If the number of pulses arriving at the “-1” input of the counter 17 coincides with the total number of pulses previously recorded in the counter 17, the latter generates a signal and transfers it to the output key 19, the current pulse from which is supplied to the electric igniter 20. The operation signal of the electric igniter 20 through a standard safety device 21 triggers the beam detonator 22, initiating the detonation of the explosive filling 2 and the detonation of the projectile at a given point on the flight path.

With a calculated mean square error of determining the initial velocity of the projectile ± 0.15%, the deviation of the initial velocity of the small-caliber projectile at the 3σ level will be ± 4.5 m / s. Thus, the proposed automatic control of the time (distance) of detonation significantly reduces the error in range, so the air blasting of these small-caliber shells at a level of 3σ is characterized by errors:

- at a distance of 1 km ± 7.8 m,

- at a distance of 2 km ± 13.4 m.

When the magnetometer 4 in the composition of the projectile rotates along the flight path with velocities inherent in small-caliber projectiles (~ 100 thousand revolutions per minute), an EMF of 10 mV level appears in it in the Earth’s magnetic field.

As a magnetometer 4, it is possible to use highly sensitive magnetoresistive sensors of the type KMZ51 or NMS1001, made in the integral design. They are sensitive to the magnitude and direction of the magnetic field vector.

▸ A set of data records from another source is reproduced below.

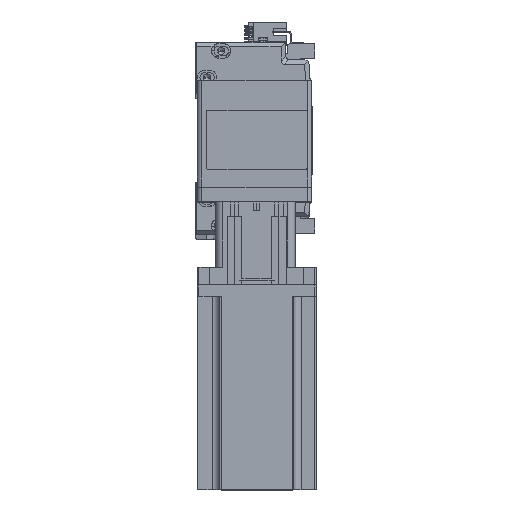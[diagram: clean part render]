
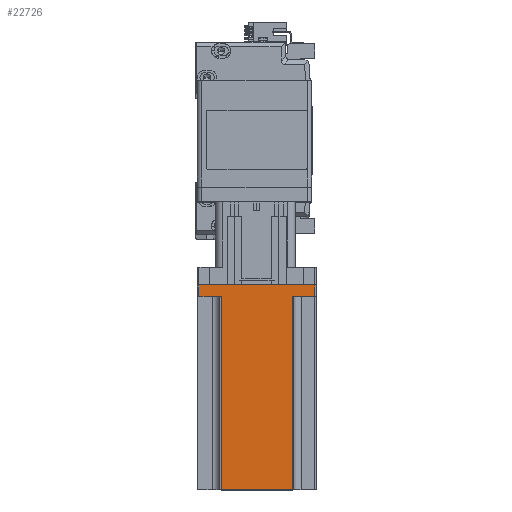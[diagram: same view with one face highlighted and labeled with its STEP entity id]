
A CAD part, top view. The second image highlights one B-rep face of the part: STEP entity #22726.
In plain terms, the highlighted planar face has unit normal (0, 0, 1) as drawn and (0, 1, 0) by its records, which use the part's own axes.
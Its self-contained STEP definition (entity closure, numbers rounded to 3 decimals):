
#1136 = EDGE_CURVE ( 'NONE', #40977, #34385, #40421, .T. ) ;
#2765 = CARTESIAN_POINT ( 'NONE',  ( 39., 40., 138.3 ) ) ;
#3936 = VERTEX_POINT ( 'NONE', #13795 ) ;
#4369 = VECTOR ( 'NONE', #7148, 1000. ) ;
#4620 = EDGE_CURVE ( 'NONE', #23847, #3936, #48119, .T. ) ;
#5743 = LINE ( 'NONE', #32390, #27992 ) ;
#5818 = VERTEX_POINT ( 'NONE', #35954 ) ;
#5836 = ORIENTED_EDGE ( 'NONE', *, *, #57021, .F. ) ;
#5862 = CARTESIAN_POINT ( 'NONE',  ( -39., 40., 8. ) ) ;
#7085 = VECTOR ( 'NONE', #39710, 1000. ) ;
#7148 = DIRECTION ( 'NONE',  ( 0., 0., -1. ) ) ;
#8146 = CARTESIAN_POINT ( 'NONE',  ( -25., 40., 8. ) ) ;
#9369 = EDGE_CURVE ( 'NONE', #5818, #24728, #39918, .T. ) ;
#10647 = LINE ( 'NONE', #2765, #21078 ) ;
#11606 = EDGE_CURVE ( 'NONE', #34385, #23847, #41564, .T. ) ;
#12630 = DIRECTION ( 'NONE',  ( 1., 0., 0. ) ) ;
#12924 = VECTOR ( 'NONE', #37686, 1000. ) ;
#13705 = EDGE_CURVE ( 'NONE', #3936, #27857, #5743, .T. ) ;
#13795 = CARTESIAN_POINT ( 'NONE',  ( -24., 40., 8. ) ) ;
#14965 = ORIENTED_EDGE ( 'NONE', *, *, #13705, .T. ) ;
#15861 = FACE_OUTER_BOUND ( 'NONE', #51097, .T. ) ;
#16229 = ORIENTED_EDGE ( 'NONE', *, *, #17056, .T. ) ;
#17056 = EDGE_CURVE ( 'NONE', #38352, #40977, #10647, .T. ) ;
#18806 = CARTESIAN_POINT ( 'NONE',  ( 40., 40., 138.3 ) ) ;
#18931 = LINE ( 'NONE', #35010, #7085 ) ;
#19100 = CARTESIAN_POINT ( 'NONE',  ( 24., 40., 8. ) ) ;
#20381 = CARTESIAN_POINT ( 'NONE',  ( 24., 40., 138.3 ) ) ;
#21078 = VECTOR ( 'NONE', #38436, 1000. ) ;
#21821 = DIRECTION ( 'NONE',  ( -1., 0., 0. ) ) ;
#22726 = ADVANCED_FACE ( 'NONE', ( #15861 ), #36349, .F. ) ;
#22993 = CARTESIAN_POINT ( 'NONE',  ( -24., 40., 138.3 ) ) ;
#23296 = DIRECTION ( 'NONE',  ( 1., 0., 0. ) ) ;
#23441 = DIRECTION ( 'NONE',  ( 0., 0., 1. ) ) ;
#23847 = VERTEX_POINT ( 'NONE', #5862 ) ;
#24459 = VECTOR ( 'NONE', #12630, 1000. ) ;
#24728 = VERTEX_POINT ( 'NONE', #19100 ) ;
#26906 = ORIENTED_EDGE ( 'NONE', *, *, #9369, .T. ) ;
#27857 = VERTEX_POINT ( 'NONE', #22993 ) ;
#27992 = VECTOR ( 'NONE', #23441, 1000. ) ;
#32390 = CARTESIAN_POINT ( 'NONE',  ( -24., 40., 138.3 ) ) ;
#33772 = CARTESIAN_POINT ( 'NONE',  ( -39., 40., 138.3 ) ) ;
#34385 = VERTEX_POINT ( 'NONE', #43412 ) ;
#35010 = CARTESIAN_POINT ( 'NONE',  ( 40., 40., 138.3 ) ) ;
#35255 = ORIENTED_EDGE ( 'NONE', *, *, #1136, .T. ) ;
#35954 = CARTESIAN_POINT ( 'NONE',  ( 24., 40., 138.3 ) ) ;
#36166 = ORIENTED_EDGE ( 'NONE', *, *, #44203, .F. ) ;
#36349 = PLANE ( 'NONE',  #36975 ) ;
#36660 = LINE ( 'NONE', #42204, #12924 ) ;
#36975 = AXIS2_PLACEMENT_3D ( 'NONE', #18806, #49978, #23296 ) ;
#37528 = CARTESIAN_POINT ( 'NONE',  ( 39., 40., 0. ) ) ;
#37686 = DIRECTION ( 'NONE',  ( -1., 0., 0. ) ) ;
#37816 = ORIENTED_EDGE ( 'NONE', *, *, #4620, .T. ) ;
#38075 = DIRECTION ( 'NONE',  ( 0., 0., 1. ) ) ;
#38352 = VERTEX_POINT ( 'NONE', #52600 ) ;
#38436 = DIRECTION ( 'NONE',  ( 0., 0., -1. ) ) ;
#39710 = DIRECTION ( 'NONE',  ( -1., 0., 0. ) ) ;
#39918 = LINE ( 'NONE', #20381, #4369 ) ;
#40140 = VECTOR ( 'NONE', #38075, 1000. ) ;
#40421 = LINE ( 'NONE', #53388, #50883 ) ;
#40669 = ORIENTED_EDGE ( 'NONE', *, *, #11606, .T. ) ;
#40977 = VERTEX_POINT ( 'NONE', #37528 ) ;
#41564 = LINE ( 'NONE', #33772, #40140 ) ;
#42204 = CARTESIAN_POINT ( 'NONE',  ( 25., 40., 8. ) ) ;
#43412 = CARTESIAN_POINT ( 'NONE',  ( -39., 40., 0. ) ) ;
#44203 = EDGE_CURVE ( 'NONE', #38352, #24728, #36660, .T. ) ;
#48119 = LINE ( 'NONE', #8146, #24459 ) ;
#49978 = DIRECTION ( 'NONE',  ( 0., -1., 0. ) ) ;
#50883 = VECTOR ( 'NONE', #21821, 1000. ) ;
#51097 = EDGE_LOOP ( 'NONE', ( #37816, #14965, #5836, #26906, #36166, #16229, #35255, #40669 ) ) ;
#52600 = CARTESIAN_POINT ( 'NONE',  ( 39., 40., 8. ) ) ;
#53388 = CARTESIAN_POINT ( 'NONE',  ( 40., 40., 0. ) ) ;
#57021 = EDGE_CURVE ( 'NONE', #5818, #27857, #18931, .T. ) ;
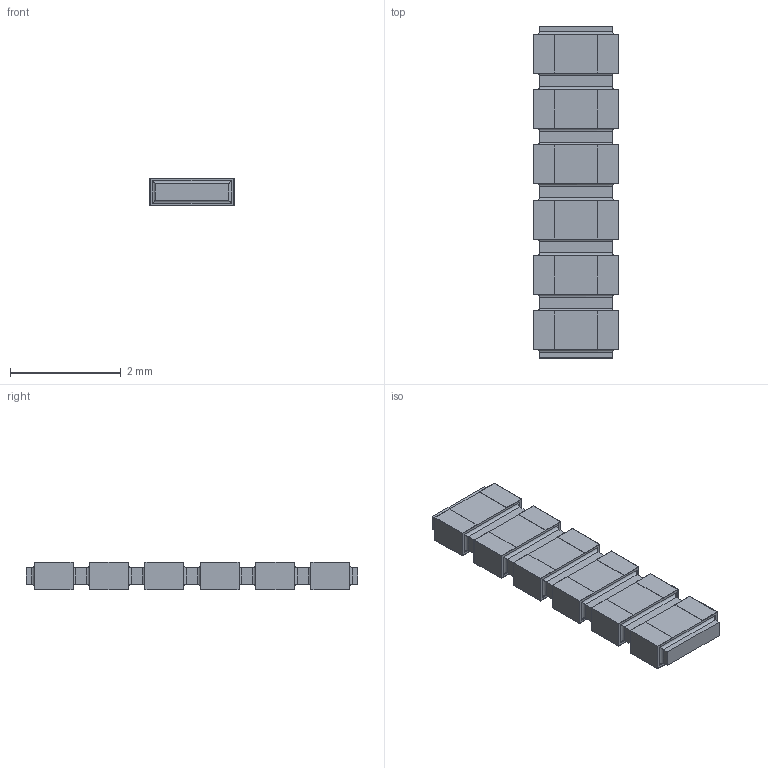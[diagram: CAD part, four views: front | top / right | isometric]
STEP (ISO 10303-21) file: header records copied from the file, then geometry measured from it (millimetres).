
FILE_DESCRIPTION(/* description */ (''),/* implementation_level */ '2;1');
FILE_NAME(/* name */ 'S:\DOCUMENT\AUTOCAD\3D_Modèles\10_3D-pour-VISHAY-COM\PRA\PRA100\PRA100-I2_à_I8\20_STEP\PRA100I6_B-or-N-or-G.stp',/* time_stamp */ '2017-12-18T09:16:40+01:00',/* author */ ('dparmentier'),/* organization */ ('unknown'),/* preprocessor_version */ 'ST-DEVELOPER v17',/* originating_system */ 'Autodesk Inventor 2018',/* authorisation */ '');
FILE_SCHEMA (('AUTOMOTIVE_DESIGN { 1 0 10303 214 3 1 1 }'));
Length unit declared in the file: millimetre
Products named in the file (1): PRA100I6_B-or-N-or-G
Bounding box: 1.52 x 6 x 0.5 mm (x, y, z)
Volume: 3.9 mm3; surface area: 48 mm2
Topology: 13 solids, 13 shells, 234 faces, 540 edges, 344 vertices
Faces by surface type: plane 186, cylinder 48
Entity records: 6509 total; most frequent: CARTESIAN_POINT 1119, ORIENTED_EDGE 1080, DIRECTION 1058, EDGE_CURVE 540, LINE 492, VECTOR 492, VERTEX_POINT 344, AXIS2_PLACEMENT_3D 283

It is also possible to use a multi-turn inductor with a core made of electrical steel, which is widely used as sensors in radio telemetric measurements of the speed of rotation of artillery shells on the flight path;

Claims (1)

Managed initiation artillery ammunition, including a housing, filling, a fuse, containing a converter, safety and actuating mechanisms, and a fuse remote control unit connected to a power source as part of a serial receiver of a time code with a decoder and a delay device, characterized in that it is housed in a housing small-caliber projectile rotation speed sensor, made mainly in the form of a magnetometer interacting with the Earth’s magnetic field, cat A counter for a given number of pulses is connected through a counter connected to the decoder of the receiving device to a delay device containing two switches controlled by a clock generator connected to the decoder, switches in the signal processing lines closed through an undermining timer, one through a divider, and the other through two serial circuits AND, closed by a counter of a measured interval, both lines being connected to the register through a general comparison circuit, and the rotational speed sensor of a small-caliber projectile is connected to the first of ovatelno connected delay circuits and devices.